I have start ups running that I don't need? I would much appreciate knowing which I could turn off. I have already disabled everything that I recognize as unnecessary through What's Running (http://www.whatsrunning.net/whatsrunning/main.aspx). If there are others that I don't need I would like to shut them off. I just didn't want to turn off anything important.

Does anyone know what that 'svchost.exe' is? I googgled it and it says it has something to do with Windows update or something. It never used to be there though. And now it really hogs resource on start up. It will use a whole core all by itself for over a minute. I have like 5 different 
'svchost.exe's now; has anyone heard of anything malicious that uses this name? Or is it just a Windows thing?

Once again, thank you very much, I know you are all busy and I very much appreciate your assistance.


----------



## NewGuestGuy (Dec 8, 2007)

Oh, happy birthday Cookiegal! I just noticed the 'birhtday' icon. I hope you have a good one!


----------



## ~Candy~ (Jan 27, 2001)

O4 - HKLM\..\Run: [UltraMon] "C:\Program Files\UltraMon\UltraMon.exe" /auto
O4 - HKLM\..\Run: [Adobe Reader Speed Launcher] "C:\Program Files\Adobe\Reader 8.0\Reader\Reader_sl.exe"
O4 - HKLM\..\Run: [NvMediaCenter] RUNDLL32.EXE C:\WINDOWS\system32\NvMcTray.dll,NvTaskbarInit
O4 - HKLM\..\Run: [SunJavaUpdateSched] "C:\Program Files\Java\jre1.6.0_03\bin\jusched.exe"
O4 - HKLM\..\Run: [QuickTime Task] "C:\Program Files\QuickTime\qttask.exe" -atboottime
O4 - HKCU\..\Run: [ctfmon.exe] C:\WINDOWS\system32\ctfmon.exe
O4 - HKCU\..\Run: [Creative MediaSource Go] "C:\Program Files\Creative\MediaSource5\Go\CTCMSGoU.exe" /SCB
O4 - HKCU\..\Run: [AnyDVD] C:\Program Files\SlySoft\AnyDVD\AnyDVD.exe
O4 - HKCU\..\Run: [DAEMON Tools Pro Agent] "I:\Program Files 2\DAEMON Tools Pro\DTProAgent.exe"

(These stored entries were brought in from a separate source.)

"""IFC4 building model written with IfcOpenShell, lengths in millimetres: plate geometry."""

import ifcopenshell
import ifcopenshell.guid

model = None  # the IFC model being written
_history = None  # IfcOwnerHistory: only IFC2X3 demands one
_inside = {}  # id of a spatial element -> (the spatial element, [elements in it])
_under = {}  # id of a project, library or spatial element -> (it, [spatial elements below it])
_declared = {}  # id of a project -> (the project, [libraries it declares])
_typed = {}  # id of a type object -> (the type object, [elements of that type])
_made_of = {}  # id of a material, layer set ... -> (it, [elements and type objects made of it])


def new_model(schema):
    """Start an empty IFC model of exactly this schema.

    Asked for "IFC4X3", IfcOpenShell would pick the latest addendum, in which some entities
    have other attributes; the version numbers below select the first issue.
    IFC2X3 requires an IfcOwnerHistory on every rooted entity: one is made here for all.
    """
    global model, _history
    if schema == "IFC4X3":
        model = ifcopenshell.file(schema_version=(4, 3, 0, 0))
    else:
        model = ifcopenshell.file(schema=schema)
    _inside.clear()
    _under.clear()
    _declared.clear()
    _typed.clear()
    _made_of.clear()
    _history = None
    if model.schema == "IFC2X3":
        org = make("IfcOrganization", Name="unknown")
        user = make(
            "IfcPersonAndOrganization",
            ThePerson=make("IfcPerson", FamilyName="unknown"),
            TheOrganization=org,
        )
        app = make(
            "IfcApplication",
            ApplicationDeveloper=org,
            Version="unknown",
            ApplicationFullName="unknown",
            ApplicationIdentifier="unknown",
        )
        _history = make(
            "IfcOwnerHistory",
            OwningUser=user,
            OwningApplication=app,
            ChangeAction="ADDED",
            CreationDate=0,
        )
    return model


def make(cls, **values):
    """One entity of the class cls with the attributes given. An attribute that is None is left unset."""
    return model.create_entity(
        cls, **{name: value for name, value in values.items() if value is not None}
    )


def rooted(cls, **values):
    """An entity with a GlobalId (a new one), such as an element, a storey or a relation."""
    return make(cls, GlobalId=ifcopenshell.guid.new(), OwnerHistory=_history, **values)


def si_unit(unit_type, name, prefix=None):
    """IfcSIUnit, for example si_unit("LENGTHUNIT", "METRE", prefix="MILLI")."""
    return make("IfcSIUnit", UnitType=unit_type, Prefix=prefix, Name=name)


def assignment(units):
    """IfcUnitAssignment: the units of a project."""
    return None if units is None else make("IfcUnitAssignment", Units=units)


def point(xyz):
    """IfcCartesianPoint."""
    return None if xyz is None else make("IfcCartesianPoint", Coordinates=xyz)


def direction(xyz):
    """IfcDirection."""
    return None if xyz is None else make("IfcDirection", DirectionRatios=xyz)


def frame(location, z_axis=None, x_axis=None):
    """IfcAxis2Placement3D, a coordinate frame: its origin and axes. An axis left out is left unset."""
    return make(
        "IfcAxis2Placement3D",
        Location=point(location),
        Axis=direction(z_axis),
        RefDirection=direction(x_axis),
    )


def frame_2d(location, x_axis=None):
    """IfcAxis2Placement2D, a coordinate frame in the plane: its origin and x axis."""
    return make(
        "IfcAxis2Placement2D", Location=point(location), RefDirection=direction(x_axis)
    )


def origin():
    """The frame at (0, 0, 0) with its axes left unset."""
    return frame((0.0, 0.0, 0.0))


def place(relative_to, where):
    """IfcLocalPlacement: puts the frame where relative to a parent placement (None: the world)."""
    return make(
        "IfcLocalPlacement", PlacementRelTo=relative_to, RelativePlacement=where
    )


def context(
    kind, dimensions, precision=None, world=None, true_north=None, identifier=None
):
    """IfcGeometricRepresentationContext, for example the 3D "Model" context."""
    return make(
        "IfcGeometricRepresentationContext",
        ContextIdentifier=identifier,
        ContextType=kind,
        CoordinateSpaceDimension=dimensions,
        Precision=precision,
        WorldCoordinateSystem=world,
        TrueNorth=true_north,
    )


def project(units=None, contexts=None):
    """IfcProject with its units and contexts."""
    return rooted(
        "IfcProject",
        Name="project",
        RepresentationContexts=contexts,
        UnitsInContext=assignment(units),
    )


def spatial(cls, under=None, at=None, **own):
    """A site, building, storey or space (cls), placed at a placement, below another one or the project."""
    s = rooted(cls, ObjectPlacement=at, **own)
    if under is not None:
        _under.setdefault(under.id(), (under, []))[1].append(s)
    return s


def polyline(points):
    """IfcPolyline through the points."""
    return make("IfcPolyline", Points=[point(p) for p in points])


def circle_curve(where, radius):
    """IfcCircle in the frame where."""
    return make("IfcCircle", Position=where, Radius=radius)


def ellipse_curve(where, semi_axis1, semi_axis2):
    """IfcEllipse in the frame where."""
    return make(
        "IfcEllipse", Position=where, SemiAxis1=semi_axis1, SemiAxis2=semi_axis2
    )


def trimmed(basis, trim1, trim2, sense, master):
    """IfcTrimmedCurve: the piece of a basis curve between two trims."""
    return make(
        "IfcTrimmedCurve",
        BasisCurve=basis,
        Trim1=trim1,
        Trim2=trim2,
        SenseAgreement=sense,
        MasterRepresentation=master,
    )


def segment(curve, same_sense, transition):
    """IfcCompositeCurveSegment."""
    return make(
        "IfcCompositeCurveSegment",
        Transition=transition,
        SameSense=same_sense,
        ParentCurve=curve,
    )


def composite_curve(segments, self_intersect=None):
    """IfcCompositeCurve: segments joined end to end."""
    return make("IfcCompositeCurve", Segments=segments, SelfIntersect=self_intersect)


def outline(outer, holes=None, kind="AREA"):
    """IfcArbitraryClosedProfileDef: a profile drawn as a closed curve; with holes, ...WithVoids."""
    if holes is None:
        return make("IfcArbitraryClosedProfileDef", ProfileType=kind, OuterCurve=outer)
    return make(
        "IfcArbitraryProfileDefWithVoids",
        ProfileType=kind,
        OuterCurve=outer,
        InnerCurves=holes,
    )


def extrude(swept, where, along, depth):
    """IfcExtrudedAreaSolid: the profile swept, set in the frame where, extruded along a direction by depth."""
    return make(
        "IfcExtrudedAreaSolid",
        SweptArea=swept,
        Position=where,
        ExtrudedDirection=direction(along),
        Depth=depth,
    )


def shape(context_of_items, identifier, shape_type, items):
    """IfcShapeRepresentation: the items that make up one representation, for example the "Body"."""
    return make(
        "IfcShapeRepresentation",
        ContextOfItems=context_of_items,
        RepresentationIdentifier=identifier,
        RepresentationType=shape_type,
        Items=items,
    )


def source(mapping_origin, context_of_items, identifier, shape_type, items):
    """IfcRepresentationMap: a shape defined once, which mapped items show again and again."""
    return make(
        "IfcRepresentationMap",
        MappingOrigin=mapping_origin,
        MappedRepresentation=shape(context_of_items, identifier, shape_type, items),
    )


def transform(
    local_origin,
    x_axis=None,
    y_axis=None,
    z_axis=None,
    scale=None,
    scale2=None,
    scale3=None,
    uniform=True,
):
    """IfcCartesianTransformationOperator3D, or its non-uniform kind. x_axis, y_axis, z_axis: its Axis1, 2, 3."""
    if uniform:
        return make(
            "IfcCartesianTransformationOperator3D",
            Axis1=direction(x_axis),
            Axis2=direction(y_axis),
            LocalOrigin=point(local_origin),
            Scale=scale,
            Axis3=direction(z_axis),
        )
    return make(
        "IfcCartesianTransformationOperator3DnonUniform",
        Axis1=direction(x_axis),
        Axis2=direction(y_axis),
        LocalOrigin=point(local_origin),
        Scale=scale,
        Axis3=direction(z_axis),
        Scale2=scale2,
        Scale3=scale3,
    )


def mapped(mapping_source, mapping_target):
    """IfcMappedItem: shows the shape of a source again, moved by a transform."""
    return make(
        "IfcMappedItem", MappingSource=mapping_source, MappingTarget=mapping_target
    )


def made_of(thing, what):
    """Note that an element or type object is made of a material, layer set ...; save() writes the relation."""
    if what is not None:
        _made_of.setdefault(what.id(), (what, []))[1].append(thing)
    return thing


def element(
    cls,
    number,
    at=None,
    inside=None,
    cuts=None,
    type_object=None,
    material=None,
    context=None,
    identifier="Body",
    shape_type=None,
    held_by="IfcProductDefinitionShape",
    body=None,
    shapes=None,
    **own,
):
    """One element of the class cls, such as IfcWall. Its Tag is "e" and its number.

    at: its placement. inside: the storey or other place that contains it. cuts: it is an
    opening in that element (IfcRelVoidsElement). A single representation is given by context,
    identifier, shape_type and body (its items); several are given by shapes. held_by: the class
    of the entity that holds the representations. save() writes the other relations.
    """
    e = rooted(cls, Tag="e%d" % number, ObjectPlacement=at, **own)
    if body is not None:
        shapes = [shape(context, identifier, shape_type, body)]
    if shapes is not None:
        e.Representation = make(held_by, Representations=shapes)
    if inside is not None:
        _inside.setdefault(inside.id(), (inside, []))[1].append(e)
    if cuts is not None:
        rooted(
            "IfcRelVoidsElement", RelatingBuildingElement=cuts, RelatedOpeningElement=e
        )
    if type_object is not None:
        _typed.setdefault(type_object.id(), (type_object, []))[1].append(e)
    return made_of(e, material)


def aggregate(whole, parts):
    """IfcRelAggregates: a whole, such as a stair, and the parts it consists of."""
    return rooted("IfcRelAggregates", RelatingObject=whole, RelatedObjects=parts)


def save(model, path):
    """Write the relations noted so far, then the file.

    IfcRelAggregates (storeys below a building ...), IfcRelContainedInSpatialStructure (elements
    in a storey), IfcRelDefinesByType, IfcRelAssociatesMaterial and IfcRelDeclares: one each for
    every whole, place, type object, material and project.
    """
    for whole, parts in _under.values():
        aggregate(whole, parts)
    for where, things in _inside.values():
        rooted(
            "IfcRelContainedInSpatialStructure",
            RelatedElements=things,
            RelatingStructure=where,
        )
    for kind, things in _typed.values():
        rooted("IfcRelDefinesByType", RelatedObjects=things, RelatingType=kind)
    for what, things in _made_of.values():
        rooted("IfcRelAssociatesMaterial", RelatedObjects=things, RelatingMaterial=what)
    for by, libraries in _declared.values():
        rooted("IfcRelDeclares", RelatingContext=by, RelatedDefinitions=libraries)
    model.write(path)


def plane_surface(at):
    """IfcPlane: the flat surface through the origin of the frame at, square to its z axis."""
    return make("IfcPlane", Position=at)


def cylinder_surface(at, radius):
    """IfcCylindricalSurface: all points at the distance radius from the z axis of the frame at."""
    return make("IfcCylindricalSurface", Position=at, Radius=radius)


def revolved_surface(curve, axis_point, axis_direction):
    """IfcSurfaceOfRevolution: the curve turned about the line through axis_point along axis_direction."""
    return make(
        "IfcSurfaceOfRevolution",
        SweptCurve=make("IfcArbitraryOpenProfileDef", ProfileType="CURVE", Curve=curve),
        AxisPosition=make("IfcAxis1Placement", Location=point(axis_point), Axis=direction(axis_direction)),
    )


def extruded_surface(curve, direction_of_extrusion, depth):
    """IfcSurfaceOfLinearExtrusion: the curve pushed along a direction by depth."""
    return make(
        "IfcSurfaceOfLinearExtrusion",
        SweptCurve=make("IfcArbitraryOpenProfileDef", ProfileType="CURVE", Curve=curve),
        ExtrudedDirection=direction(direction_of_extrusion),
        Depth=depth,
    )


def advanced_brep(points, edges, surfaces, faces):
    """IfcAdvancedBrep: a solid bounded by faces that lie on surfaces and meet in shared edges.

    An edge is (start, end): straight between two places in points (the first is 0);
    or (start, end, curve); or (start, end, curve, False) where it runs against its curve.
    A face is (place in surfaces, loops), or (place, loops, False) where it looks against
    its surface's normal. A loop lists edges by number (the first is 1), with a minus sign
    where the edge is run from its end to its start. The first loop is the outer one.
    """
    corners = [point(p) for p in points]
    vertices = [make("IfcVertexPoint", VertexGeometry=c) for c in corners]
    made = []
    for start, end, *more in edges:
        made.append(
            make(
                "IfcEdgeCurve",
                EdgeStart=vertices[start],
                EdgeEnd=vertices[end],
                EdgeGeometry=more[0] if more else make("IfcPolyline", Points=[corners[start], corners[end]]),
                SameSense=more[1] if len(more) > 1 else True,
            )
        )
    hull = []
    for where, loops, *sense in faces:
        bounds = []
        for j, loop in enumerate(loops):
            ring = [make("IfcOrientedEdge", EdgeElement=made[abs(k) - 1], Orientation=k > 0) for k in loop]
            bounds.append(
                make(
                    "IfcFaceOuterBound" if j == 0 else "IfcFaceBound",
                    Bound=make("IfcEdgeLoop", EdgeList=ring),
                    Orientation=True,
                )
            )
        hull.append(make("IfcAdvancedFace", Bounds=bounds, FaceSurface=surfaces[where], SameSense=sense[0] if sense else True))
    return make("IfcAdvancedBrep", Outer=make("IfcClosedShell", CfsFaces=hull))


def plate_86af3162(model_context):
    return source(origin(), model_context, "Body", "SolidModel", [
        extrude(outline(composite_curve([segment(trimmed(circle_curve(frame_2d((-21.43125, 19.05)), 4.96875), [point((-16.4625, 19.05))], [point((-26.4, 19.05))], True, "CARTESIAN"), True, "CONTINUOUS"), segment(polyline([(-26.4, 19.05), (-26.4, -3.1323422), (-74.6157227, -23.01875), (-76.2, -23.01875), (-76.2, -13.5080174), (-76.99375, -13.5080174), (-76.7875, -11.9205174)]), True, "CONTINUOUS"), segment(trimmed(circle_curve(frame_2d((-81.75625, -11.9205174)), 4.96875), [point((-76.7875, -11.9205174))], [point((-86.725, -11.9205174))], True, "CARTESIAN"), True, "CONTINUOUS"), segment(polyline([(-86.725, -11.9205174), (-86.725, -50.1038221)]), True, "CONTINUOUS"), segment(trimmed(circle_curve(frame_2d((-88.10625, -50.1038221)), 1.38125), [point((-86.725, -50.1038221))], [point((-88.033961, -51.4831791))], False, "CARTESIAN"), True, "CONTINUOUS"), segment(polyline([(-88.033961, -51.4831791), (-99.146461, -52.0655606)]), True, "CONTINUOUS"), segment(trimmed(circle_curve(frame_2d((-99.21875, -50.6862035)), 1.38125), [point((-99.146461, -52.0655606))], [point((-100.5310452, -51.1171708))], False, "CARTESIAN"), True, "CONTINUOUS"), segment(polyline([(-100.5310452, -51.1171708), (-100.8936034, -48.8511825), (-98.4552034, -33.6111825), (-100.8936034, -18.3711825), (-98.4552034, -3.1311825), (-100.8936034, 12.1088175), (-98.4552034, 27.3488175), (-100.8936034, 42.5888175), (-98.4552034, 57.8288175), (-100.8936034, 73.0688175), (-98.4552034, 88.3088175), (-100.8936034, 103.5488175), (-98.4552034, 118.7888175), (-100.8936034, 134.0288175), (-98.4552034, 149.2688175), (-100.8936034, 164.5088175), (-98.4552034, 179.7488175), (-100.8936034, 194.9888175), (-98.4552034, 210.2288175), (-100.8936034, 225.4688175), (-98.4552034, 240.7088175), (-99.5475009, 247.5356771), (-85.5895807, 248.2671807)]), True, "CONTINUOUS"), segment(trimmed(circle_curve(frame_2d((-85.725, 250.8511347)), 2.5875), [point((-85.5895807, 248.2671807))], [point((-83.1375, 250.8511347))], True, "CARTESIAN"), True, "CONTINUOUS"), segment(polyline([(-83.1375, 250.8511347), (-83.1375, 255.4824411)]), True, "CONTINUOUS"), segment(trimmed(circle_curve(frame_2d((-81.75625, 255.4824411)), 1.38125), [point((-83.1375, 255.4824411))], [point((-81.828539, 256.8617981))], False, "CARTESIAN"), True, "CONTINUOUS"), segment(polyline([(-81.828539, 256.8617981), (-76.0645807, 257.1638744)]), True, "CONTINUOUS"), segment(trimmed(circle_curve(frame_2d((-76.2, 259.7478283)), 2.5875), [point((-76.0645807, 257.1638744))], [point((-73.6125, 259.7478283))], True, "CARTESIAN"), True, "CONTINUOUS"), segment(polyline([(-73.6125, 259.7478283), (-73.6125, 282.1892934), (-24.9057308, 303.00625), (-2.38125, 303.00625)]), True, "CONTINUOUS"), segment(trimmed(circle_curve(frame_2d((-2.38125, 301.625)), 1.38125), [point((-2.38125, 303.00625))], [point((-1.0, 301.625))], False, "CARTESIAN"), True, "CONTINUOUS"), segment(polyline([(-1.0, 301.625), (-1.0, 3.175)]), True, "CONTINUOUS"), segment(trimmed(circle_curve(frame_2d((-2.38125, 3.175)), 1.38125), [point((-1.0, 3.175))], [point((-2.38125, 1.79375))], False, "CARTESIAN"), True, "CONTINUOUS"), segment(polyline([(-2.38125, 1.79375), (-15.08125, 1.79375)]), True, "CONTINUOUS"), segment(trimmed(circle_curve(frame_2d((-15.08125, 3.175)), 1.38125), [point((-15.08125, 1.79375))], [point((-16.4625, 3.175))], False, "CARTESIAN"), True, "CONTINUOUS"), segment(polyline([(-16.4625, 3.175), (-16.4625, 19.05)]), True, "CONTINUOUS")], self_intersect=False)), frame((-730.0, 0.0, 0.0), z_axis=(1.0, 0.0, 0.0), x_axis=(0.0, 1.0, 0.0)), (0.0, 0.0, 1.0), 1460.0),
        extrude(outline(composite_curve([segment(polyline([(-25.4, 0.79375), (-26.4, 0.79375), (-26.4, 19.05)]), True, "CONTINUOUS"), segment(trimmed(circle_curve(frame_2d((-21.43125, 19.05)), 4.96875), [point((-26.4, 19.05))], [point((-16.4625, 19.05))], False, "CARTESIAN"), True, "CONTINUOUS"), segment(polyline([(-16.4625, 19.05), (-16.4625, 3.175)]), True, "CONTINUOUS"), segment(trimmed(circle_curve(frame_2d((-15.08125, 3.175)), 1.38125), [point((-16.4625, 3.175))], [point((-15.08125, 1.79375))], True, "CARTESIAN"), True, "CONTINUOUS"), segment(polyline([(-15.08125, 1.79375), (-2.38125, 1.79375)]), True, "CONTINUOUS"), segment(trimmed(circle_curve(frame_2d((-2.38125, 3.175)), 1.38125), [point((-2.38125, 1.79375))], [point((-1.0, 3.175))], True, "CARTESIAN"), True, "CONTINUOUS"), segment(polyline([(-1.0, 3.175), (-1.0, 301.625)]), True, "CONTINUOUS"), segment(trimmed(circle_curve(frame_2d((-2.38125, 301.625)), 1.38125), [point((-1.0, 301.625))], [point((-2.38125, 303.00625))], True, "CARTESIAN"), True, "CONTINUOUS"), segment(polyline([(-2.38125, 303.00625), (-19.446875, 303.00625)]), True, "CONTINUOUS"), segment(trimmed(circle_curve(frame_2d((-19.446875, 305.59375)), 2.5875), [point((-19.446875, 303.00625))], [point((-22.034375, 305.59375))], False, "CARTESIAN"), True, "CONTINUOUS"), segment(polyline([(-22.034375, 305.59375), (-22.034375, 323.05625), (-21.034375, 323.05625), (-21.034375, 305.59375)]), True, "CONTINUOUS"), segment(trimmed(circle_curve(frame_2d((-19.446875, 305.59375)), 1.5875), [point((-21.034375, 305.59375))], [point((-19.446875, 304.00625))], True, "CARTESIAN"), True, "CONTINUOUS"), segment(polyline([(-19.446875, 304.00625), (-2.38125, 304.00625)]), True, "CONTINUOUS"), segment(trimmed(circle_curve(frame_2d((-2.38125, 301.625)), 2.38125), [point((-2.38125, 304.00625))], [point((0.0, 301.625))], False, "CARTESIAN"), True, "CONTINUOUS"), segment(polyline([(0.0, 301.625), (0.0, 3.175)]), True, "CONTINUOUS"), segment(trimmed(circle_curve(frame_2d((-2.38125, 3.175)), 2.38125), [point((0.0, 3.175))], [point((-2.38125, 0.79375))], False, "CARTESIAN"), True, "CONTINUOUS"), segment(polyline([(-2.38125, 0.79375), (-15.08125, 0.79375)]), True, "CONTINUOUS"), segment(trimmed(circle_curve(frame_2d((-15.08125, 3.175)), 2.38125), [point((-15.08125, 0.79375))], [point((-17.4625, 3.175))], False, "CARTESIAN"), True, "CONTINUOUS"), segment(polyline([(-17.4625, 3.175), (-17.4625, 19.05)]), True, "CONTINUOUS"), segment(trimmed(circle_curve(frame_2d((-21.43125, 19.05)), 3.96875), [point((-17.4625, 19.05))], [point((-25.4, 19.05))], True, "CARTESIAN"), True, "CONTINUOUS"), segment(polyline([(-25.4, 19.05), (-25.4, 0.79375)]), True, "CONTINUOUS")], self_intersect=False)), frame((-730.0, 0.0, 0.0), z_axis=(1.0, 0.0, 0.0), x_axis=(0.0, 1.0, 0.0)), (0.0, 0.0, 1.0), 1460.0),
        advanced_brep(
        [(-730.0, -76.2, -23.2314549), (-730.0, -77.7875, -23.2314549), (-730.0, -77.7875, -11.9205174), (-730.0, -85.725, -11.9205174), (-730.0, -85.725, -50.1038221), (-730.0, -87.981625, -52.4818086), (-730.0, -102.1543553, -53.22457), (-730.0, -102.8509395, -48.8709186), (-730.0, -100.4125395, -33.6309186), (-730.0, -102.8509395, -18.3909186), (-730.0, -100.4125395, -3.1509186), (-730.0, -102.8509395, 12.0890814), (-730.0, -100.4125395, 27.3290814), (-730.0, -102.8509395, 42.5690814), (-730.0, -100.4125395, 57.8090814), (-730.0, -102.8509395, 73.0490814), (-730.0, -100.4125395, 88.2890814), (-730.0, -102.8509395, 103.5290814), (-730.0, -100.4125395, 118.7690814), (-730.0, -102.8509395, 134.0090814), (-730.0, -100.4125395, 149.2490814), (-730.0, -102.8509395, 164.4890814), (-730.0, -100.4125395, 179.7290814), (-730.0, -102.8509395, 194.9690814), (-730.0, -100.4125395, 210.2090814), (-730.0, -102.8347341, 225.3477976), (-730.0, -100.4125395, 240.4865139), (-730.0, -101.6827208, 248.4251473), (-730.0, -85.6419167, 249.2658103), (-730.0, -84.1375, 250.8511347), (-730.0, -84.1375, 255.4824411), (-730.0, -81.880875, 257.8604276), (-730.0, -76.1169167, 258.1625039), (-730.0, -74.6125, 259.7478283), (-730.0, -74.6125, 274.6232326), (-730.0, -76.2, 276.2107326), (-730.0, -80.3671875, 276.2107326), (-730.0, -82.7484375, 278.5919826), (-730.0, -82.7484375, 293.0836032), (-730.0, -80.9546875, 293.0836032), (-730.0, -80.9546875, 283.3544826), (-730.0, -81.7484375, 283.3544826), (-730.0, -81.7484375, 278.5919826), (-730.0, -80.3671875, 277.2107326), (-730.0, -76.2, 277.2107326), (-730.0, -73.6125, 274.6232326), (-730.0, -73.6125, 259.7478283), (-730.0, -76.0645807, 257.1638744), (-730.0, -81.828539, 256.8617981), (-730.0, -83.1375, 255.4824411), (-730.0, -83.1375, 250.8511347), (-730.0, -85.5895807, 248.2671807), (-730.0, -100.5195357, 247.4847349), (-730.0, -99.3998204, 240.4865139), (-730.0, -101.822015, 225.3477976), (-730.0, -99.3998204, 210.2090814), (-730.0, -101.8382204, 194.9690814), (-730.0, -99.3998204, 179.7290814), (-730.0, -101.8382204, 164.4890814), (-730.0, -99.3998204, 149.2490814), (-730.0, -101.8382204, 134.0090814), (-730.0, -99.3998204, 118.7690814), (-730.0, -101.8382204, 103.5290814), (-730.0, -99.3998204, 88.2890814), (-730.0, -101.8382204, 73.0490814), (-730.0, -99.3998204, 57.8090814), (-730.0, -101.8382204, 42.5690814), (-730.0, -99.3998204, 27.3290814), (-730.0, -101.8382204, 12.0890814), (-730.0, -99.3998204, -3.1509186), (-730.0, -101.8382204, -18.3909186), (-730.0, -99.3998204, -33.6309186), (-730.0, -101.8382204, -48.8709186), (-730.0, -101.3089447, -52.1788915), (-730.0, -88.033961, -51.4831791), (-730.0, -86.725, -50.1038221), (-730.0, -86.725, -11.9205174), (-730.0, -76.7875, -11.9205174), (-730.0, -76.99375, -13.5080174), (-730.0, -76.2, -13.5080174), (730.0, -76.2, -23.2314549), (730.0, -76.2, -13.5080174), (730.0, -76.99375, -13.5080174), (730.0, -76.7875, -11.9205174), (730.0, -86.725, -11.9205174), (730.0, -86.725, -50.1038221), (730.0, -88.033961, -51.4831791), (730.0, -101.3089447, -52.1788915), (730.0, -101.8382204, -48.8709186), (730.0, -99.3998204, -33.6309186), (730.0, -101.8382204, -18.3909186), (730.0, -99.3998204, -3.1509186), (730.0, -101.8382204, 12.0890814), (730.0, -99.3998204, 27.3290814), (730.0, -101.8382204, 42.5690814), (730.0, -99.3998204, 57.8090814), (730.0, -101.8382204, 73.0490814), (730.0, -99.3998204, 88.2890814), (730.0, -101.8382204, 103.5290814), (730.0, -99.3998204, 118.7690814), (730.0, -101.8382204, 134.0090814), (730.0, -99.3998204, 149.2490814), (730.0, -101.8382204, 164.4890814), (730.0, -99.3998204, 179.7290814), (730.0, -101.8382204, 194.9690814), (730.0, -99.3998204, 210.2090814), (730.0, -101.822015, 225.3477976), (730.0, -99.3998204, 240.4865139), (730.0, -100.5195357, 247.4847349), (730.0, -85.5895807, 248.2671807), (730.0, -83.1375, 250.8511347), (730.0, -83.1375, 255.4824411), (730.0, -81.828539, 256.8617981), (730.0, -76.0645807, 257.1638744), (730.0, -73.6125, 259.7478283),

Those are some candidates to check  If you miss something that you want to start all the time, just go back and re-enable it via start, run, msconfig, start up tab.


----------



## Cookiegal (Aug 27, 2003)

I didn't think Norton Ghost used LiveUpdate but apparently it does so we'll leave that alone.

svchost.exe is a valid file but malware can use the same name as well so I think we need to investigate a little further.

Download and install *AVG Anti-Spyware v7.5*. Note to AVG Free anti-virus program users only: This is not the same program as the one you already have, this is an anti-spyware program so please proceed with the instructions. 

After download, double click on the file to launch the install process. 
Choose a language, click "*OK*" and then click "*Next*". 
Read the "_License Agreement_" and click "*I Agree*". 
Accept default installation path: C:\Program Files\Grisoft\AVG Anti-Spyware 7.5, click "*Next*", then click "*Install*". 
After setup completes, click "*Finish*" to start the program automatically or launch AVG Anti-Spyware by double-clicking its icon on your desktop or in the system tray. 
The main "*Status*" menu will appear. Select "_Change state_" to inactivate '*Resident Shield*' and '*Automatic Updates*'. _As AVG Anti-Spyware may interfere with some of our other fixes, we are temporarily disabling its active protection features until your system is clean, then you can re-enable them._ 
Then right click on AVG Anti-Spyware in the system tray and *uncheck* "*Start with Windows*". 
Connect to the Internet, go back to AVG Anti-Spyware, select the "*Update*" button and click "*Start update*". 
Wait until you see the "_Update successful_" message. If you are having problems with the updater, manually download and update with the AVG Anti-Spyware Full database installer. 
Exit AVG Anti-Spyware when done - *DO NOT perform a scan yet*.
*Reboot your computer in SAFE MODE* using the *F8* method. To do this, restart your computer and after hearing your computer beep once during startup (but before the Windows icon appears) press the F8 key repeatedly. A menu will appear with several options. Use the arrow keys to navigate and select the option to run Windows in "Safe Mode". _(Note: When run in safe mode, sometimes the GUI is larger than the screen and the buttons at the bottom are partly or completely hidden, making them inaccessible for doing a scan. If this happens press Alt + Spacebar. A menu will come open, make sure you select maximize then run the scan. If that does not help, then you may have to run your scan in normal mode and advise your helper afterwards.)_

*Scan with AVG Anti-Spyware as follows*:
Click on the "*Scanner*" button and choose the "*Settings*" tab.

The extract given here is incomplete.